Looking at the smallest parts of turbulent flow we have the Kolmogorov microscales. These equations tell us what happens in an energy cascade. The equations are universal. They show that how an eddy matures, transforming into smaller eddies and heat, depends solely on the kinematic viscosity (a fluid’s internal resistance to flow under gravitational forces) and the average rate of dissipation of turbulence kinetic energy per unit mass (how fast kinetic energy is spread). The 3 equations show how the energy cascade scales (compares with the start) with length, time, and velocity.

Turbulent flow is evidently extremely complex. Moreover, it is so complicated it is practically pattern less. So, it stands to reason that Van Gogh should not have been able to recreate the phenomena accurately. But while he did not solve the Navier-Stokes equations, he was mathematically near perfect in his application of paint.

How do we know? In 2004, when observing the eddies of a cloud of dust and gas deep in outer space using the Hubble telescope, scientists were reminded of ‘Starry Night’. Jupiter’s red spot set off the same associations. They followed up on this partnership and started to analyse Van Gogh’s work. After digitalising many works they determined that the probability of two pixels a certain distance apart having the same luminosity (this means tone not colour) had Kolmogorov scaling in its probability distribution.

However, this extraordinary relationship is only present in the artist’s periods of psychotic agitation. ‘Self-Portrait with Bandaged Ear and Pipe’ was painted just after ‘Starry Night’, yet the smoke from the pipe in the former is nothing like the rolling night sky so loved in the latter. The difference is that the artist was on medication whilst working on this portrait. As is evident from the bandaged ear, he had recently suffered a severe mental breakdown, and was living in a mental hospital. Describing himself as being in a state of ‘immense calm’ while painting, the pipe’s smoke flows regularly, in a laminar fashion.

It is no coincidence that Van Gogh’s turbulent art mirrored a turbulent mind. Genius has always been linked to madness; the Greek’s term for both was ‘touched by the gods’. We think that Van Gogh had a range of mental dysfunctions and illnesses, which included bipolar disorder and bouts of psychosis. Bipolar disorder reduces brain activity in the lower part of the frontal lobe and increases it in the higher part. This is the same shift that is observed when people have bouts of creativity. Psychosis loosens the mind, allowing contradictory ideas to be held simultaneously, and making people conscious of what would normally be vague, subconscious, links between ideas. Psychosis can thus make people more creative.  It is not an exact match, but it is interesting to note that the other two artists mentioned in this essay likely had some/the same mental dysfunctions. Jackson pollock suffered from alcoholism and bipolar disorder. Hokusai, though undiagnosed for anything, moved 92 times in his life and changed his name over 30 times (indicative of an unstable mind).

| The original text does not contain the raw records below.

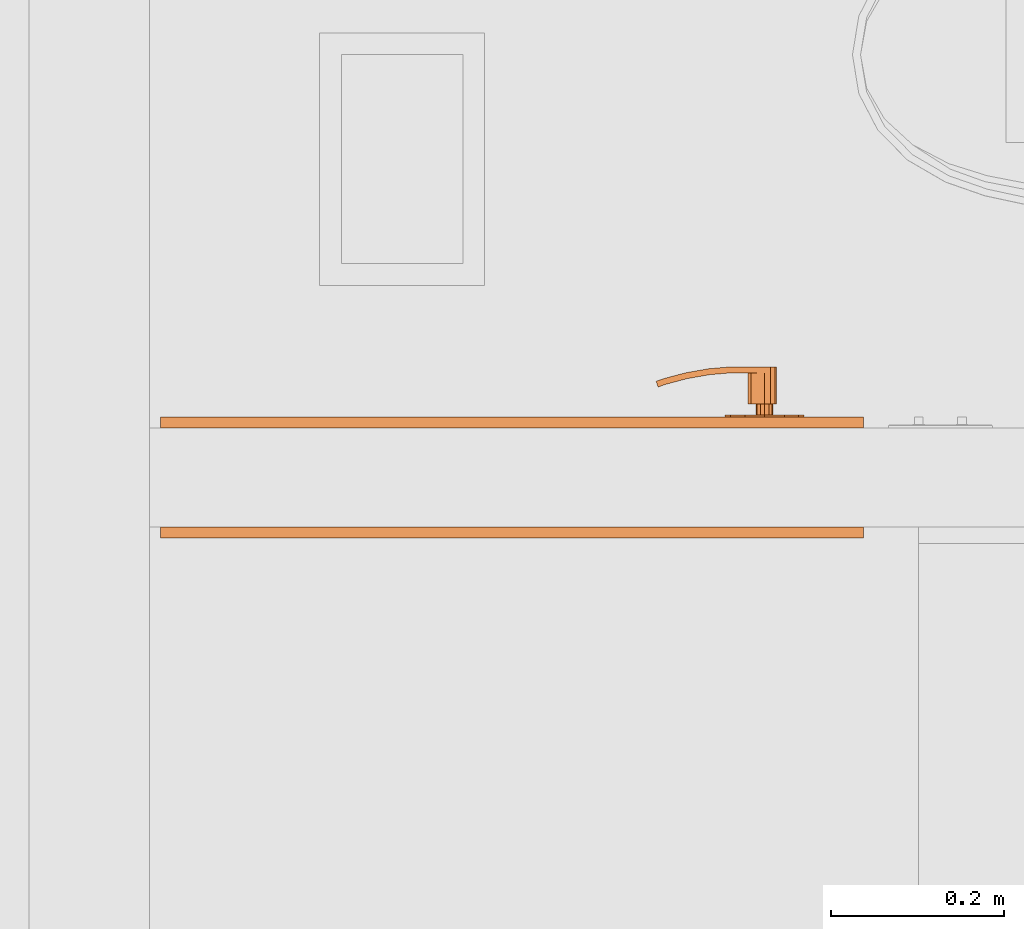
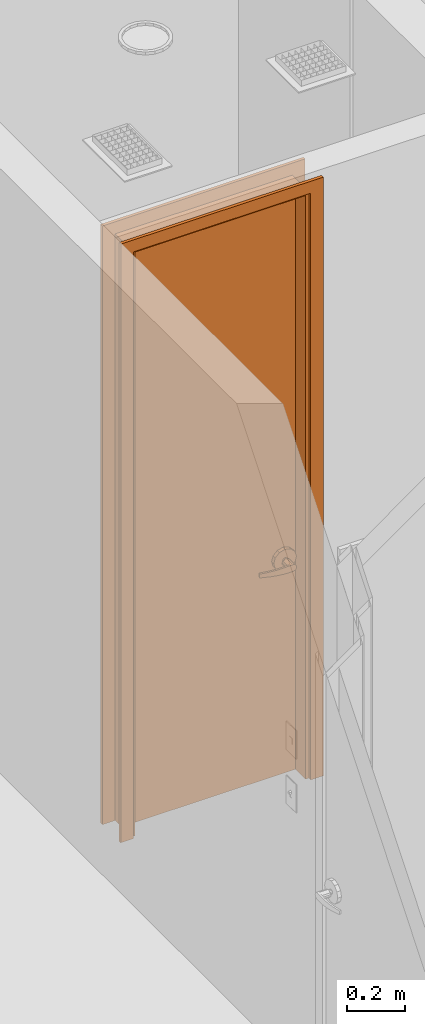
# One storey, part 23 of 48: 1 proxy.
"""IFC2X3 building model written with IfcOpenShell, lengths in inches."""

from ifc_helpers import new_model, entity, si_unit, converted_unit, derived_unit, money_unit, direction, frame, origin_with_axes, place, context, subcontext, project, spatial, open_shell, faceted_brep, surface_model, source, transform, mapped, type_object, element, save


model = new_model("IFC2X3")

# Units and contexts
model_context = context("Model", 3, precision=0.00039370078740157, world=origin_with_axes(), true_north=direction((0.0, 1.0)))
plan_context = context("Plan", 3, precision=0.00039370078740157, world=origin_with_axes(), true_north=direction((0.0, 1.0)))
body_context = subcontext(model_context, "Body", "Model", "MODEL_VIEW")
ifc_project = project(units=[converted_unit("LENGTHUNIT", "INCH", entity("IfcPositiveLengthMeasure", 0.0254), si_unit("LENGTHUNIT", "METRE"), dimensions=[1, 0, 0, 0, 0, 0, 0]), converted_unit("AREAUNIT", "SQUARE_FOOT", entity("IfcPositiveLengthMeasure", 0.09290304), si_unit("AREAUNIT", "SQUARE_METRE"), dimensions=[2, 0, 0, 0, 0, 0, 0]), si_unit("PLANEANGLEUNIT", "RADIAN"), si_unit("SOLIDANGLEUNIT", "STERADIAN"), money_unit("USD"), converted_unit("TIMEUNIT", "Year", entity("IfcTimeMeasure", 31557600.0), si_unit("TIMEUNIT", "SECOND"), dimensions=[0, 0, 1, 0, 0, 0, 0]), si_unit("MASSUNIT", "GRAM", prefix="KILO"), si_unit("THERMODYNAMICTEMPERATUREUNIT", "DEGREE_CELSIUS"), si_unit("LUMINOUSINTENSITYUNIT", "LUMEN"), si_unit("ENERGYUNIT", "JOULE", prefix="MEGA"), derived_unit("SPECIFICHEATCAPACITYUNIT", [(si_unit("ENERGYUNIT", "JOULE"), 1), (si_unit("MASSUNIT", "GRAM", prefix="KILO"), -1), (si_unit("THERMODYNAMICTEMPERATUREUNIT", "KELVIN"), -1)])], contexts=[model_context, plan_context])

# Site, building, storey
site_placement = place(None, origin_with_axes())
site = spatial("IfcSite", under=ifc_project, at=site_placement, Name="Site", CompositionType="ELEMENT")
building_placement = place(site_placement, origin_with_axes())
building = spatial("IfcBuilding", under=site, at=building_placement, Name="Building", CompositionType="ELEMENT")
storey_placement = place(building_placement, origin_with_axes())
storey = spatial("IfcBuildingStorey", under=building, at=storey_placement, Name="First Floor", CompositionType="ELEMENT", Elevation=0.0)

# Proxy
building_element_proxy_type = type_object("IfcBuildingElementProxyType", Name="D1", PredefinedType="NOTDEFINED")
shared_shape = source(origin_with_axes(), body_context, "Body", "SurfaceModel", [
    faceted_brep([(15.9999999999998, -4.999999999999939, 0.0), (13.99999999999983, -4.999999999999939, 0.0), (13.99999999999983, -4.499999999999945, 0.0), (15.9999999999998, -4.499999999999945, 0.0), (15.9999999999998, -4.999999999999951, 99.99999999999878), (13.99999999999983, -4.999999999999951, 97.99999999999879), (13.99999999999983, -4.499999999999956, 97.99999999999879), (15.9999999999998, -4.499999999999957, 99.99999999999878)], [[[0, 1, 2, 3]], [[0, 4, 5, 1]], [[1, 5, 6, 2]], [[3, 2, 6, 7]], [[4, 0, 3, 7]], [[5, 4, 7, 6]]]),
    faceted_brep([(-15.9999999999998, -4.999999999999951, 99.99999999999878), (-13.99999999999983, -4.999999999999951, 97.99999999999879), (-13.99999999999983, -4.499999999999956, 97.99999999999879), (-15.9999999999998, -4.499999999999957, 99.99999999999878), (-15.9999999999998, -4.999999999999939, 0.0), (-13.99999999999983, -4.999999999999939, 0.0), (-13.99999999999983, -4.499999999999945, 0.0), (-15.9999999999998, -4.499999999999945, 0.0)], [[[0, 1, 2, 3]], [[0, 4, 5, 1]], [[1, 5, 6, 2]], [[3, 2, 6, 7]], [[4, 0, 3, 7]], [[5, 4, 7, 6]]]),
    faceted_brep([(15.9999999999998, -4.999999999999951, 99.99999999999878), (13.99999999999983, -4.999999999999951, 97.99999999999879), (13.99999999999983, -4.499999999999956, 97.99999999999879), (15.9999999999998, -4.499999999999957, 99.99999999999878), (-15.9999999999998, -4.999999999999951, 99.99999999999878), (-13.99999999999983, -4.999999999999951, 97.99999999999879), (-13.99999999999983, -4.499999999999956, 97.99999999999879), (-15.9999999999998, -4.499999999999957, 99.99999999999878)], [[[0, 1, 2, 3]], [[0, 4, 5, 1]], [[1, 5, 6, 2]], [[3, 2, 6, 7]], [[4, 0, 3, 7]], [[5, 4, 7, 6]]]),
    faceted_brep([(15.9999999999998, 0.4999999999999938, 0.0), (15.9999999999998, 0.0, 0.0), (13.99999999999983, 0.0, 0.0), (13.99999999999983, 0.4999999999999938, 0.0), (15.9999999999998, 0.4999999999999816, 99.99999999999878), (15.9999999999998, 0.0, 99.99999999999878), (13.99999999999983, 0.0, 97.99999999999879), (13.99999999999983, 0.4999999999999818, 97.99999999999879)], [[[0, 1, 2, 3]], [[4, 5, 1, 0]], [[1, 5, 6, 2]], [[3, 2, 6, 7]], [[0, 3, 7, 4]], [[7, 6, 5, 4]]]),
    faceted_brep([(-15.9999999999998, 0.4999999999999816, 99.99999999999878), (-15.9999999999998, 0.0, 99.99999999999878), (-13.99999999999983, 0.0, 97.99999999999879), (-13.99999999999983, 0.4999999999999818, 97.99999999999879), (-15.9999999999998, 0.4999999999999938, 0.0), (-15.9999999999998, 0.0, 0.0), (-13.99999999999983, 0.0, 0.0), (-13.99999999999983, 0.4999999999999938, 0.0)], [[[0, 1, 2, 3]], [[4, 5, 1, 0]], [[1, 5, 6, 2]], [[3, 2, 6, 7]], [[0, 3, 7, 4]], [[7, 6, 5, 4]]]),
    faceted_brep([(15.9999999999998, 0.4999999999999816, 99.99999999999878), (15.9999999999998, 0.0, 99.99999999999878), (13.99999999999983, 0.0, 97.99999999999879), (13.99999999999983, 0.4999999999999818, 97.99999999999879), (-15.9999999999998, 0.4999999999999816, 99.99999999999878), (-15.9999999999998, 0.0, 99.99999999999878), (-13.99999999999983, 0.0, 97.99999999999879), (-13.99999999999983, 0.4999999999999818, 97.99999999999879)], [[[0, 1, 2, 3]], [[4, 5, 1, 0]], [[1, 5, 6, 2]], [[3, 2, 6, 7]], [[0, 3, 7, 4]], [[7, 6, 5, 4]]]),
    faceted_brep([(13.99999999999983, 0.0, 0.0), (13.99999999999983, -4.499999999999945, 0.0), (13.49999999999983, -4.499999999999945, 0.0), (13.49999999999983, 0.0, 0.0), (13.99999999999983, 0.0, 97.49999999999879), (13.99999999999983, -4.499999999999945, 97.49999999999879), (13.49999999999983, -4.499999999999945, 97.49999999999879), (13.49999999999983, 0.0, 97.49999999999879)], [[[0, 1, 2, 3]], [[4, 5, 1, 0]], [[1, 5, 6, 2]], [[3, 2, 6, 7]], [[0, 3, 7, 4]], [[7, 6, 5, 4]]]),
    faceted_brep([(-13.99999999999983, 0.0, 0.0), (-13.99999999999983, -4.499999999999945, 0.0), (-13.99999999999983, -4.499999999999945, 97.49999999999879), (-13.99999999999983, 0.0, 97.49999999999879), (-13.49999999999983, 0.0, 0.0), (-13.49999999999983, -4.499999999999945, 0.0), (-13.49999999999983, -4.499999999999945, 97.49999999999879), (-13.49999999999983, 0.0, 97.49999999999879)], [[[0, 1, 2, 3]], [[4, 5, 1, 0]], [[1, 5, 6, 2]], [[3, 2, 6, 7]], [[0, 3, 7, 4]], [[7, 6, 5, 4]]]),
    faceted_brep([(13.99999999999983, 0.0, 97.99999999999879), (13.99999999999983, -4.499999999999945, 97.99999999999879), (13.99999999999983, -4.499999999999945, 97.49999999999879), (13.99999999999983, 0.0, 97.49999999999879), (-13.99999999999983, 0.0, 97.99999999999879), (-13.99999999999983, -4.499999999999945, 97.99999999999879), (-13.99999999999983, -4.499999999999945, 97.49999999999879), (-13.49999999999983, -4.499999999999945, 97.49999999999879), (13.49999999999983, -4.499999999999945, 97.49999999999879), (13.49999999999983, 0.0, 97.49999999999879), (-13.49999999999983, 0.0, 97.49999999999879), (-13.99999999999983, 0.0, 97.49999999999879)], [[[0, 1, 2, 3]], [[4, 5, 1, 0]], [[1, 5, 6, 7, 8, 2]], [[3, 2, 8, 9]], [[0, 3, 9, 10, 11, 4]], [[11, 6, 5, 4]], [[10, 7, 6, 11]], [[9, 8, 7, 10]]]),
    surface_model("IfcShellBasedSurfaceModel", [(9.94865528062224, -2.340551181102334, 36.89566929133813), (9.94865528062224, -2.336614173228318, 36.89566929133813), (9.708661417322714, -2.336614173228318, 35.99999999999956), (9.708661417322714, -2.340551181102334, 35.99999999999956), (10.60433070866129, -2.340551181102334, 37.55134471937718), (10.60433070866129, -2.336614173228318, 37.55134471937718), (9.94865528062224, -1.753937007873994, 36.89566929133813), (9.708661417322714, -1.753937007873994, 35.99999999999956), (9.948655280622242, -2.336614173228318, 35.10433070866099), (9.948655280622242, -2.340551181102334, 35.10433070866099), (10.60433070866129, -2.340551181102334, 34.44865528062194), (11.49999999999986, -2.340551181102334, 34.20866141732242), (12.39566929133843, -2.340551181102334, 34.44865528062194), (13.05134471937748, -2.340551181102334, 35.10433070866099), (13.291338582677, -2.340551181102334, 35.99999999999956), (13.05134471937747, -2.340551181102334, 36.89566929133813), (12.39566929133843, -2.340551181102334, 37.55134471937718), (11.49999999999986, -2.340551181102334, 37.7913385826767), (11.49999999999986, -2.336614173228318, 37.7913385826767), (10.60433070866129, -1.753937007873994, 37.55134471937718), (9.94865528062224, -1.749999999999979, 36.89566929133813), (9.708661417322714, -1.749999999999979, 35.99999999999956), (9.948655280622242, -1.753937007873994, 35.10433070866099), (10.60433070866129, -2.336614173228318, 34.44865528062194), (11.49999999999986, -2.336614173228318, 34.20866141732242), (12.39566929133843, -2.336614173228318, 34.44865528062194), (13.05134471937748, -2.336614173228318, 35.10433070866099), (13.291338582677, -2.336614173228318, 35.99999999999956), (13.05134471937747, -2.336614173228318, 36.89566929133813), (12.39566929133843, -2.336614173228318, 37.55134471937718), (11.49999999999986, -1.753937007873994, 37.7913385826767), (10.60433070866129, -1.749999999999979, 37.55134471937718), (9.948655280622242, -1.749999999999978, 35.10433070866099), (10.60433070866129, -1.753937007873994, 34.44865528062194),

Dysfunction of the brain explains why some artists have a ‘feeling’, or intuition, for maths. What it does not explain is why the viewer does too. When comparing work from Van Gogh’s periods of mental agitation to those when he was medicated, the former is simply better. The pieces are more fluid, more emotive, and ultimately more successful.

Whilst maths models the physical world, art visualises our emotive world, and does so by appealing to our sense of beauty. And clearly there is a link between maths and the emotive. Indeed, any artwork broken down is just a mix of mathematical components. Shapes are geometry, composition is symmetry and proportion, and colour theory can be understood as ratios in correspondence with the colour wheel. It must be true then, that beauty, at least in art, is somewhat dependant on an inherent appreciation of mathematics.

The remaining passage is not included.